Pani domu uśmiechnęła się z zadowoleniem.
– Zrobiłam. Kiedy zadzwoniłaś do drzwi, właśnie szłam do kuchni, żeby
wyjąć je z pieca.
– Wobec tego biegnij i rób, co do ciebie należy – powiedziała
roześmiana Marcia. – Mną się nie przejmuj. Sama się rozgoszczę w salonie i
poczekam na resztę towarzystwa.
– Włączyłam telewizor, może znajdziesz coś godnego uwagi. Usiądź
przy kominku, zaraz do ciebie przyjdę. – Annabeth przystanęła na chwilę. –
A kiedy będę w kuchni i przyjdą pozostali goście, bądź uprzejma wpuścić
ich do środka.
– Dobrze – powiedziała Marcia i ruszyła szybko do salonu, żeby zająć
najlepsze miejsce przy kominku.
Chwilę później zjawiły się równocześnie Tiny Bartlett i Moira Blake.
Zmierzająca do salonu Annabeth usłyszała ich nerwowe okrzyki.
– Chodź tu szybko! – z przejęciem w głosie zawołała Tiny.
Pani domu weszła do salonu i postawiła tacę z przekąskami na kredensie.
– Co się stało? – spytała zdziwiona reakcją przyjaciółek.

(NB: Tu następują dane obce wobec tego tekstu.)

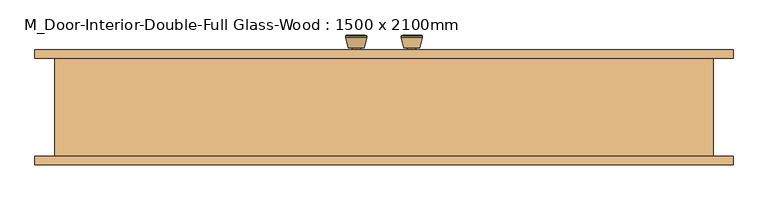
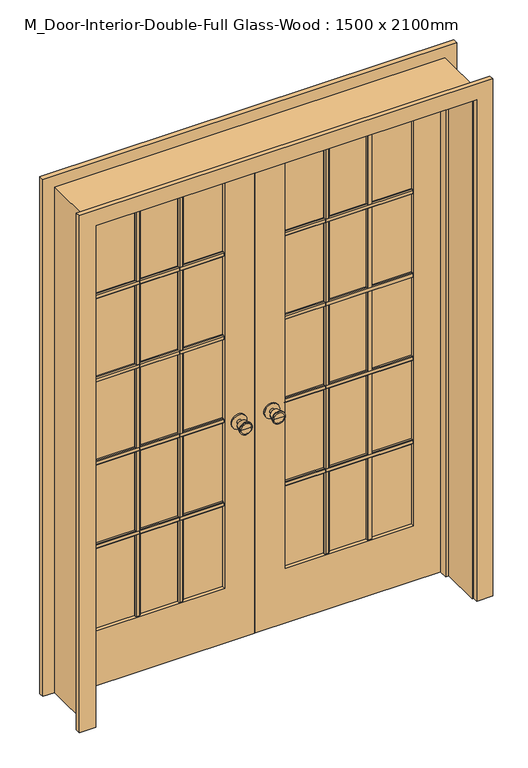
"""IFC4 building model written with IfcOpenShell, lengths in millimetres: door geometry, M_Door-Interior-Double-Full Glass-Wood : 1500 x 2100mm."""

from ifc_helpers import new_model, si_unit, point, frame, frame_2d, origin, place, context, project, spatial, polyline, circle_curve, trimmed, segment, composite_curve, outline, extrude, faceted_brep, source, transform, mapped, element, save
from ifc_brep_helpers import plane_surface, cylinder_surface, revolved_surface, advanced_brep


def m_door_interior_double_full_glass_wood_1500_x_2100mm_33705f2d(model_context):
    return source(origin(), model_context, "Body", "SolidModel", [
        advanced_brep(
        [(-65.0, 117.825, 914.4), (-75.0, 117.825, 914.4), (-55.0, 117.825, 914.4), (-85.4758676, 166.825, 914.4), (-65.0, 166.825, 914.4), (-44.5241324, 166.825, 914.4), (-90.0, 164.9971319, 914.4), (-40.0, 164.9971319, 914.4), (-90.0, 161.5334537, 914.4), (-40.0, 161.5334537, 914.4), (-83.636236, 136.825, 914.4), (-46.363764, 136.825, 914.4), (-75.0, 136.825, 914.4), (-55.0, 136.825, 914.4)],
        [
            (0, 1),
            (1, 2, circle_curve(frame((-65.0, 117.825, 914.4), z_axis=(0.0, -1.0, 0.0), x_axis=(1.0, 0.0, 0.0)), 10.0)),
            (2, 0),
            (2, 1, circle_curve(frame((-65.0, 117.825, 914.4), z_axis=(0.0, -1.0, 0.0), x_axis=(1.0, 0.0, 0.0)), 10.0)),
            (3, 4),
            (4, 5),
            (5, 3, circle_curve(frame((-65.0, 166.825, 914.4), z_axis=(0.0, 1.0, 0.0), x_axis=(1.0, 0.0, 0.0)), 20.4758676)),
            (3, 5, circle_curve(frame((-65.0, 166.825, 914.4), z_axis=(0.0, 1.0, 0.0), x_axis=(1.0, 0.0, 0.0)), 20.4758676)),
            (6, 3),
            (5, 7),
            (7, 6, circle_curve(frame((-65.0, 164.9971319, 914.4), z_axis=(0.0, 1.0, 0.0), x_axis=(1.0, 0.0, 0.0)), 25.0)),
            (6, 7, circle_curve(frame((-65.0, 164.9971319, 914.4), z_axis=(0.0, 1.0, 0.0), x_axis=(1.0, 0.0, 0.0)), 25.0)),
            (8, 6),
            (7, 9),
            (9, 8, circle_curve(frame((-65.0, 161.5334537, 914.4), z_axis=(0.0, 1.0, 0.0), x_axis=(1.0, 0.0, 0.0)), 25.0)),
            (8, 9, circle_curve(frame((-65.0, 161.5334537, 914.4), z_axis=(0.0, 1.0, 0.0), x_axis=(1.0, 0.0, 0.0)), 25.0)),
            (10, 8),
            (9, 11),
            (11, 10, circle_curve(frame((-65.0, 136.825, 914.4), z_axis=(0.0, 1.0, 0.0), x_axis=(1.0, 0.0, 0.0)), 18.636236)),
            (10, 11, circle_curve(frame((-65.0, 136.825, 914.4), z_axis=(0.0, 1.0, 0.0), x_axis=(1.0, 0.0, 0.0)), 18.636236)),
            (12, 10),
            (11, 13),
            (13, 12, circle_curve(frame((-65.0, 136.825, 914.4), z_axis=(0.0, 1.0, 0.0), x_axis=(1.0, 0.0, 0.0)), 10.0)),
            (12, 13, circle_curve(frame((-65.0, 136.825, 914.4), z_axis=(0.0, 1.0, 0.0), x_axis=(1.0, 0.0, 0.0)), 10.0)),
            (1, 12),
            (13, 2),
        ],
        [
            plane_surface(frame((-65.0, 117.825, 914.4), z_axis=(0.0, -1.0, 0.0), x_axis=(1.0, 0.0, 0.0))),
            plane_surface(frame((-65.0, 166.825, 914.4), z_axis=(0.0, 1.0, 0.0), x_axis=(1.0, 0.0, 0.0))),
            revolved_surface(polyline([(-44.5241324, 166.825, 914.4), (-40.0, 164.9971319, 914.4)]), (-65.0, 117.825, 914.4), (0.0, -1.0, 0.0)),
            cylinder_surface(frame((-65.0, 117.825, 914.4), z_axis=(0.0, -1.0, 0.0), x_axis=(1.0, 0.0, 0.0)), 25.0),
            revolved_surface(polyline([(-40.0, 161.5334537, 914.4), (-46.363764, 136.825, 914.4)]), (-65.0, 117.825, 914.4), (0.0, -1.0, 0.0)),
            plane_surface(frame((-65.0, 136.825, 914.4), z_axis=(0.0, -1.0, 0.0), x_axis=(1.0, 0.0, 0.0))),
            cylinder_surface(frame((-65.0, 117.825, 914.4), z_axis=(0.0, -1.0, 0.0), x_axis=(1.0, 0.0, 0.0)), 10.0),
        ],
        [
            (0, [[1, 2, 3]]),
            (0, [[-3, 4, -1]]),
            (1, [[5, 6, 7]]),
            (1, [[-6, -5, 8]]),
            (2, [[9, -7, 10, 11]]),
            (2, [[-10, -8, -9, 12]]),
            (3, [[13, -11, 14, 15]]),
            (3, [[-14, -12, -13, 16]]),
            (4, [[17, -15, 18, 19]]),
            (4, [[-18, -16, -17, 20]]),
            (5, [[21, -19, 22, 23]]),
            (5, [[-22, -20, -21, 24]]),
            (6, [[25, -23, 26, -2]]),
            (6, [[-26, -24, -25, -4]]),
        ],
    ),
        extrude(outline(composite_curve([segment(trimmed(circle_curve(frame_2d((914.4, -65.0)), 30.0), [point((914.4, -35.0))], [point((914.4, -95.0))], False, "CARTESIAN"), True, "CONTINUOUS"), segment(trimmed(circle_curve(frame_2d((914.4, -65.0)), 30.0), [point((914.4, -95.0))], [point((914.4, -35.0))], False, "CARTESIAN"), True, "CONTINUOUS")], self_intersect=False)), frame((0.0, 111.825, 0.0), z_axis=(0.0, 1.0, 0.0), x_axis=(0.0, 0.0, 1.0)), (0.0, 0.0, 1.0), 6.0),
        advanced_brep(
        [(-65.0, 70.825, 914.4), (-55.0, 70.825, 914.4), (-75.0, 70.825, 914.4), (-85.4758676, 21.825, 914.4), (-44.5241324, 21.825, 914.4), (-65.0, 21.825, 914.4), (-90.0, 23.6528681, 914.4), (-40.0, 23.6528681, 914.4), (-90.0, 27.1165463, 914.4), (-40.0, 27.1165463, 914.4), (-83.636236, 51.825, 914.4), (-46.363764, 51.825, 914.4), (-75.0, 51.825, 914.4), (-55.0, 51.825, 914.4)],
        [
            (0, 1),
            (1, 2, circle_curve(frame((-65.0, 70.825, 914.4), z_axis=(0.0, 1.0, 0.0), x_axis=(1.0, 0.0, 0.0)), 10.0)),
            (2, 0),
            (2, 1, circle_curve(frame((-65.0, 70.825, 914.4), z_axis=(0.0, 1.0, 0.0), x_axis=(1.0, 0.0, 0.0)), 10.0)),
            (3, 4, circle_curve(frame((-65.0, 21.825, 914.4), z_axis=(0.0, -1.0, 0.0), x_axis=(1.0, 0.0, 0.0)), 20.4758676)),
            (4, 5),
            (5, 3),
            (4, 3, circle_curve(frame((-65.0, 21.825, 914.4), z_axis=(0.0, -1.0, 0.0), x_axis=(1.0, 0.0, 0.0)), 20.4758676)),
            (6, 7, circle_curve(frame((-65.0, 23.6528681, 914.4), z_axis=(0.0, -1.0, 0.0), x_axis=(1.0, 0.0, 0.0)), 25.0)),
            (7, 4),
            (3, 6),
            (7, 6, circle_curve(frame((-65.0, 23.6528681, 914.4), z_axis=(0.0, -1.0, 0.0), x_axis=(1.0, 0.0, 0.0)), 25.0)),
            (8, 9, circle_curve(frame((-65.0, 27.1165463, 914.4), z_axis=(0.0, -1.0, 0.0), x_axis=(1.0, 0.0, 0.0)), 25.0)),
            (9, 7),
            (6, 8),
            (9, 8, circle_curve(frame((-65.0, 27.1165463, 914.4), z_axis=(0.0, -1.0, 0.0), x_axis=(1.0, 0.0, 0.0)), 25.0)),
            (10, 11, circle_curve(frame((-65.0, 51.825, 914.4), z_axis=(0.0, -1.0, 0.0), x_axis=(1.0, 0.0, 0.0)), 18.636236)),
            (11, 9),
            (8, 10),
            (11, 10, circle_curve(frame((-65.0, 51.825, 914.4), z_axis=(0.0, -1.0, 0.0), x_axis=(1.0, 0.0, 0.0)), 18.636236)),
            (12, 13, circle_curve(frame((-65.0, 51.825, 914.4), z_axis=(0.0, -1.0, 0.0), x_axis=(1.0, 0.0, 0.0)), 10.0)),
            (13, 11),
            (10, 12),
            (13, 12, circle_curve(frame((-65.0, 51.825, 914.4), z_axis=(0.0, -1.0, 0.0), x_axis=(1.0, 0.0, 0.0)), 10.0)),
            (1, 13),
            (12, 2),
        ],
        [
            plane_surface(frame((-65.0, 70.825, 914.4), z_axis=(0.0, 1.0, 0.0), x_axis=(1.0, 0.0, 0.0))),
            plane_surface(frame((-65.0, 21.825, 914.4), z_axis=(0.0, -1.0, 0.0), x_axis=(1.0, 0.0, 0.0))),
            revolved_surface(polyline([(-44.5241324, 21.825, 914.4), (-40.0, 23.6528681, 914.4)]), (-65.0, 70.825, 914.4), (0.0, 1.0, 0.0)),
            cylinder_surface(frame((-65.0, 70.825, 914.4), z_axis=(0.0, 1.0, 0.0), x_axis=(1.0, 0.0, 0.0)), 25.0),
            revolved_surface(polyline([(-40.0, 27.1165463, 914.4), (-46.363764, 51.825, 914.4)]), (-65.0, 70.825, 914.4), (0.0, 1.0, 0.0)),
            plane_surface(frame((-65.0, 51.825, 914.4), z_axis=(0.0, 1.0, 0.0), x_axis=(1.0, 0.0, 0.0))),
            cylinder_surface(frame((-65.0, 70.825, 914.4), z_axis=(0.0, 1.0, 0.0), x_axis=(1.0, 0.0, 0.0)), 10.0),
        ],
        [
            (0, [[1, 2, 3]]),
            (0, [[-3, 4, -1]]),
            (1, [[5, 6, 7]]),
            (1, [[8, -7, -6]]),
            (2, [[9, 10, -5, 11]]),
            (2, [[12, -11, -8, -10]]),
            (3, [[13, 14, -9, 15]]),
            (3, [[16, -15, -12, -14]]),
            (4, [[17, 18, -13, 19]]),
            (4, [[20, -19, -16, -18]]),
            (5, [[21, 22, -17, 23]]),
            (5, [[24, -23, -20, -22]]),
            (6, [[-2, 25, -21, 26]]),
            (6, [[-4, -26, -24, -25]]),
        ],
    ),
        extrude(outline(composite_curve([segment(trimmed(circle_curve(frame_2d((914.4, -65.0)), 30.0), [point((914.4, -35.0))], [point((914.4, -95.0))], False, "CARTESIAN"), True, "CONTINUOUS"), segment(trimmed(circle_curve(frame_2d((914.4, -65.0)), 30.0), [point((914.4, -95.0))], [point((914.4, -35.0))], False, "CARTESIAN"), True, "CONTINUOUS")], self_intersect=False)), frame((0.0, 70.825, 0.0), z_axis=(0.0, 1.0, 0.0), x_axis=(0.0, 0.0, 1.0)), (0.0, 0.0, 1.0), 6.0),
        extrude(outline(polyline([(90.825, 1639.525), (90.825, 1620.475), (84.475, 1620.475), (81.3, 1623.65), (81.3, 1636.35), (84.475, 1639.525), (90.825, 1639.525)])), frame((120.0, 0.0, 0.0), z_axis=(1.0, 0.0, 0.0), x_axis=(0.0, 1.0, 0.0)), (0.0, 0.0, 1.0), 510.0),
        extrude(outline(polyline([(90.825, 1289.525), (90.825, 1270.475), (84.475, 1270.475), (81.3, 1273.65), (81.3, 1286.35), (84.475, 1289.525), (90.825, 1289.525)])), frame((120.0, 0.0, 0.0), z_axis=(1.0, 0.0, 0.0), x_axis=(0.0, 1.0, 0.0)), (0.0, 0.0, 1.0), 510.0),
        extrude(outline(polyline([(90.825, 939.525), (90.825, 920.475), (84.475, 920.475), (81.3, 923.65), (81.3, 936.35), (84.475, 939.525), (90.825, 939.525)])), frame((120.0, 0.0, 0.0), z_axis=(1.0, 0.0, 0.0), x_axis=(0.0, 1.0, 0.0)), (0.0, 0.0, 1.0), 510.0),
        extrude(outline(polyline([(90.825, 589.525), (90.825, 570.475), (84.475, 570.475), (81.3, 573.65), (81.3, 586.35), (84.475, 589.525), (90.825, 589.525)])), frame((120.0, 0.0, 0.0), z_axis=(1.0, 0.0, 0.0), x_axis=(0.0, 1.0, 0.0)), (0.0, 0.0, 1.0), 510.0),
        extrude(outline(polyline([(450.475, 90.825), (469.525, 90.825), (469.525, 84.475), (466.35, 81.3), (453.65, 81.3), (450.475, 84.475), (450.475, 90.825)])), frame((0.0, 0.0, 230.0), z_axis=(0.0, 0.0, 1.0), x_axis=(1.0, 0.0, 0.0)), (0.0, 0.0, 1.0), 1750.0),
        extrude(outline(polyline([(280.475, 90.825), (299.525, 90.825), (299.525, 84.475), (296.35, 81.3), (283.65, 81.3), (280.475, 84.475), (280.475, 90.825)])), frame((0.0, 0.0, 230.0), z_axis=(0.0, 0.0, 1.0), x_axis=(1.0, 0.0, 0.0)), (0.0, 0.0, 1.0), 1750.0),
        extrude(outline(polyline([(97.825, 1639.525), (104.175, 1639.525), (107.35, 1636.35), (107.35, 1623.65), (104.175, 1620.475), (97.825, 1620.475), (97.825, 1639.525)])), frame((-630.0, 0.0, 0.0), z_axis=(1.0, 0.0, 0.0), x_axis=(0.0, 1.0, 0.0)), (0.0, 0.0, 1.0), 510.0),
        extrude(outline(polyline([(97.825, 1289.525), (104.175, 1289.525), (107.35, 1286.35), (107.35, 1273.65), (104.175, 1270.475), (97.825, 1270.475), (97.825, 1289.525)])), frame((-630.0, 0.0, 0.0), z_axis=(1.0, 0.0, 0.0), x_axis=(0.0, 1.0, 0.0)), (0.0, 0.0, 1.0), 510.0),
        extrude(outline(polyline([(97.825, 939.525), (104.175, 939.525), (107.35, 936.35), (107.35, 923.65), (104.175, 920.475), (97.825, 920.475), (97.825, 939.525)])), frame((-630.0, 0.0, 0.0), z_axis=(1.0, 0.0, 0.0), x_axis=(0.0, 1.0, 0.0)), (0.0, 0.0, 1.0), 510.0),
        extrude(outline(polyline([(97.825, 589.525), (104.175, 589.525), (107.35, 586.35), (107.35, 573.65), (104.175, 570.475), (97.825, 570.475), (97.825, 589.525)])), frame((-630.0, 0.0, 0.0), z_axis=(1.0, 0.0, 0.0), x_axis=(0.0, 1.0, 0.0)), (0.0, 0.0, 1.0), 510.0),
        extrude(outline(polyline([(-299.525, 97.825), (-299.525, 104.175), (-296.35, 107.35), (-283.65, 107.35), (-280.475, 104.175), (-280.475, 97.825), (-299.525, 97.825)])), frame((0.0, 0.0, 230.0), z_axis=(0.0, 0.0, 1.0), x_axis=(1.0, 0.0, 0.0)), (0.0, 0.0, 1.0), 1750.0),
        extrude(outline(polyline([(-469.525, 97.825), (-469.525, 104.175), (-466.35, 107.35), (-453.65, 107.35), (-450.475, 104.175), (-450.475, 97.825), (-469.525, 97.825)])), frame((0.0, 0.0, 230.0), z_axis=(0.0, 0.0, 1.0), x_axis=(1.0, 0.0, 0.0)), (0.0, 0.0, 1.0), 1750.0),
        extrude(outline(polyline([(97.825, 1639.525), (104.175, 1639.525), (107.35, 1636.35), (107.35, 1623.65), (104.175, 1620.475), (97.825, 1620.475), (97.825, 1639.525)])), frame((120.0, 0.0, 0.0), z_axis=(1.0, 0.0, 0.0), x_axis=(0.0, 1.0, 0.0)), (0.0, 0.0, 1.0), 510.0),
        extrude(outline(polyline([(97.825, 1289.525), (104.175, 1289.525), (107.35, 1286.35), (107.35, 1273.65), (104.175, 1270.475), (97.825, 1270.475), (97.825, 1289.525)])), frame((120.0, 0.0, 0.0), z_axis=(1.0, 0.0, 0.0), x_axis=(0.0, 1.0, 0.0)), (0.0, 0.0, 1.0), 510.0),
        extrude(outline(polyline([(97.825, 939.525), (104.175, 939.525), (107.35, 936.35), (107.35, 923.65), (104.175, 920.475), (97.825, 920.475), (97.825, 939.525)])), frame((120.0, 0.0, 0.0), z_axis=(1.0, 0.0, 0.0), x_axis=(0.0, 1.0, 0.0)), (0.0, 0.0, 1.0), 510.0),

Widząc, że Tiny gestem zachęcają do podejścia do telewizora, Annabeth
zbliżyła się i spojrzała na ekran, przed którym zdążyły już zasiąść trzy
pozostałe damy.
– Tylko popatrz! To dziewczyna Whitmanów. Telewizja filmuje ją na
ulicy. O, w tym przejeżdżającym samochodzie siedzi chyba Dewey Francis
– wykrzykiwała podniecona Tiny. – S ądziłam, że przehandlował tego
cadillaca.
Marcia zmarszczyła czoło.
– Tiny, daj spokój – ofuknęła przyjaciółkę. – Chcemy obejrzeć coś
innego.
– Ciii... – Moira uciszyła resztę. – Posłuchajmy, co mówi Sarah
Whitman.
– Z pewnością nic dobrego – mruknęła Annabeth. – Wiecie same, jak
bardzo jest zgorzkniała i rozżalona.
– Masz jej to za złe? – spytała Moira, która nagle nieoczekiwanie
posmutniała. Żadna z zebranych kobiet nie zamierzała przyznać, że Sarah
Whitman ma podstawy do narzekania. Bez słowa wpatrywały się w ekran
telewizora i słuchały słów Sarah, która akurat mówiła, że czeka na wydanie
zwłok ojca.
Ciałem Marcii wstrząsnął dreszcz. Nie lubiła myśleć o śmierci. To było
takie... ostateczne.
Kiedy jednak Sarah oświadczyła, że zrobi wszystko, aby zabójca jej ojca
został wykryty i doprowadzony przed oblicze sądu, wszystkie przyjaciółki
na chwilę aż zatkało z wrażenia. Popatrzyły na siebie z otwartymi ustami.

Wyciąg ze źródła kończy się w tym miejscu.